E por falar nos autores das ameaças, a lista no Amazonas tem o tráfico de drogas em primeiro lugar; seguido por pescadores; fazendeiros; invasores; e autoridades públicas e madeireiros (empatados). É interessante observar esses dados, porque o tráfico de drogas surge a partir de uma ausência do Estado; Este que possui autoridades também envolvidas nas violências contra os defensores de direitos humanos, como consta das informações repassadas. É como se existisse um pacto silencioso que vai refletir também na resolução desses crimes e na própria estrutura que a rede de proteção deveria dispor para executar plenamente seu trabalho.

E aí eu retorno ao documento elaborado pela Conaq para dizer que compartilho da ideia de que é necessária a construção de uma política de Estado que verdadeiramente proteja lideranças quilombolas, indígenas e demais defensores de direitos humanos no Brasil.
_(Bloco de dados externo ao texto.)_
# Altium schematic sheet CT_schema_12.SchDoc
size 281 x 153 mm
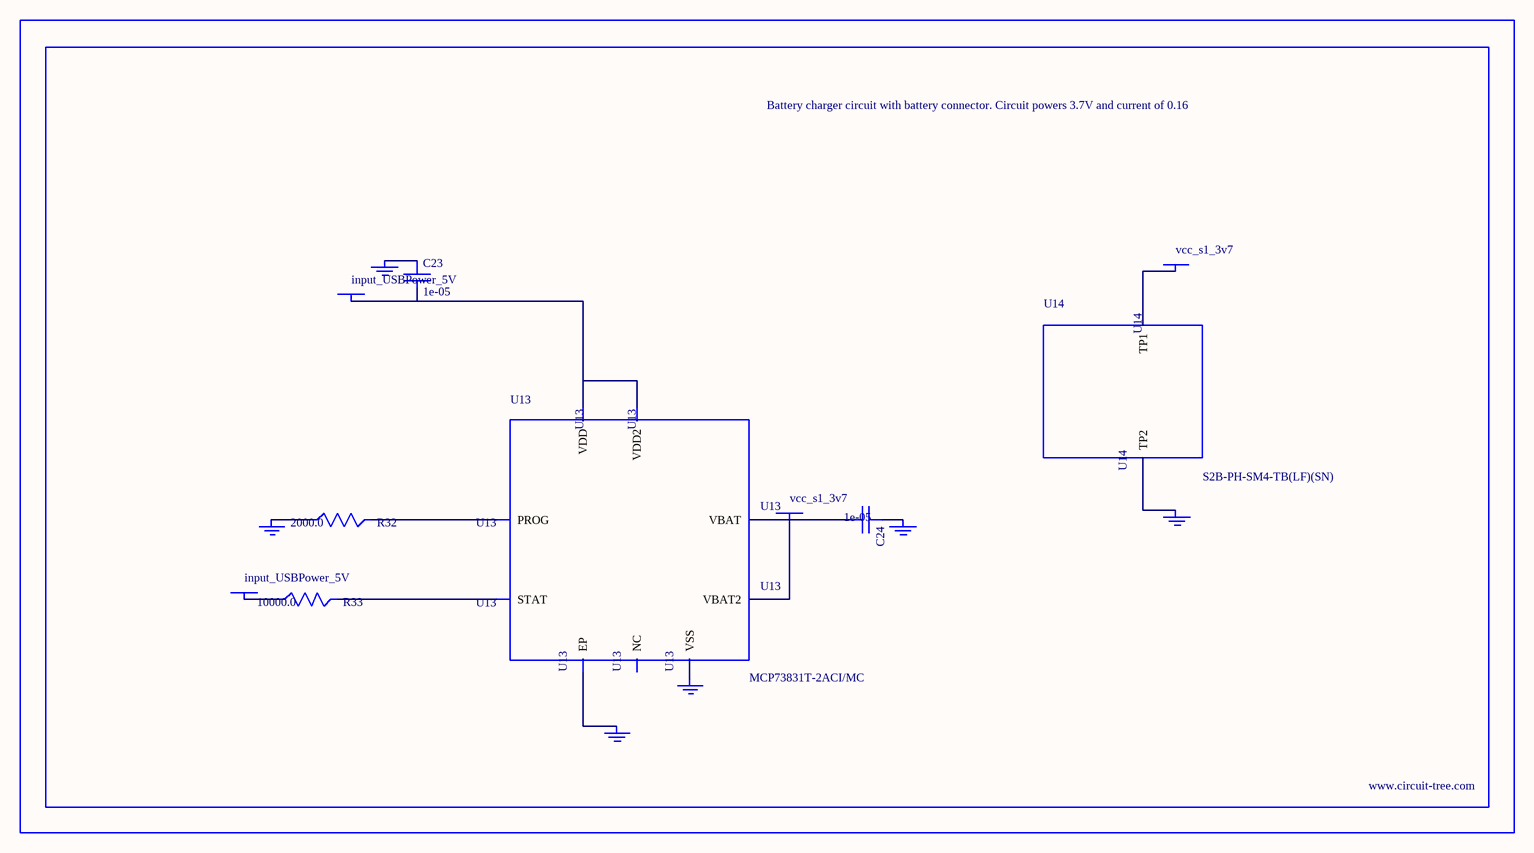
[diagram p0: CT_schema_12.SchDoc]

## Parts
BORDER11  (no value)
C23  1e-05  [C1206]
C24  1e-05  [C1206]
GND_INSTANCE_11_0  (no value)
GND_INSTANCE_11_1  (no value)
GND_INSTANCE_11_2  (no value)
GND_INSTANCE_11_3  (no value)
GND_INSTANCE_11_4  (no value)
GND_INSTANCE_11_5  (no value)
POWER_INSTANCE_11_0  input_USBPower_5V
POWER_INSTANCE_11_1  input_USBPower_5V
POWER_INSTANCE_11_2  vcc_s1_3v7
POWER_INSTANCE_11_3  vcc_s1_3v7
R32  2000.0  [R0603]
R33  10000.0  [R0603]
U13  MCP73831T-2ACI/MC  [DFN8_2X3MC]
U14  S2B-PH-SM4-TB(LF)(SN)  [JST-2-SMD]

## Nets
NetC23_1: C23.1 GND_INSTANCE_11_0.0(GND)
NetC23_2: C23.2 POWER_INSTANCE_11_0.0(PWR) U13.1(VDD) U13.2(VDD2)
NetC24_1: C24.1 GND_INSTANCE_11_1.0(GND)
NetC24_2: C24.2 POWER_INSTANCE_11_2.0(PWR) U13.3(VBAT) U13.4(VBAT2)
NetGND_INSTANCE_11_2_0: GND_INSTANCE_11_2.0(GND) R32.1
NetGND_INSTANCE_11_3_0: GND_INSTANCE_11_3.0(GND) U13.9(EP)
NetGND_INSTANCE_11_4_0: GND_INSTANCE_11_4.0(GND) U13.6(VSS)
NetGND_INSTANCE_11_5_0: GND_INSTANCE_11_5.0(GND) U14.2(TP2)
NetPOWER_INSTANCE_11_1_0: POWER_INSTANCE_11_1.0(PWR) R33.1
NetPOWER_INSTANCE_11_3_0: POWER_INSTANCE_11_3.0(PWR) U14.1(TP1)
NetR32_2: R32.2 U13.8(PROG)
NetR33_2: R33.2 U13.5(STAT)

Not connected (* = marked no-connect by the designer): U13 7(NC)

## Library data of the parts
BORDER11 = BORDER_PAGE11
C23 C24 = C1206C106K3RACTU
GND_INSTANCE_11_0-GND_INSTANCE_11_5 = GND
POWER_INSTANCE_11_0-POWER_INSTANCE_11_3 = PWR
R32 = RC0603JR-072KL
R33 = RC0603JR-0710KL

Quantas outras Mães Bernadetes precisarão ser assassinadas? Definitivamente não precisamos de mais sangue derramado daqueles que apenas ousaram lutar por garantia de direitos e por um País de fato democrático.

(*) Luciana Santos é jornalista e advogada, mestre em Direito Constitucional, especialista em Direito Público, Direitos Humanos e Processo Civil, Africanidades e Cultura Afro-brasileira e possui MBA em Marketing e MBA em Gestão empresarial.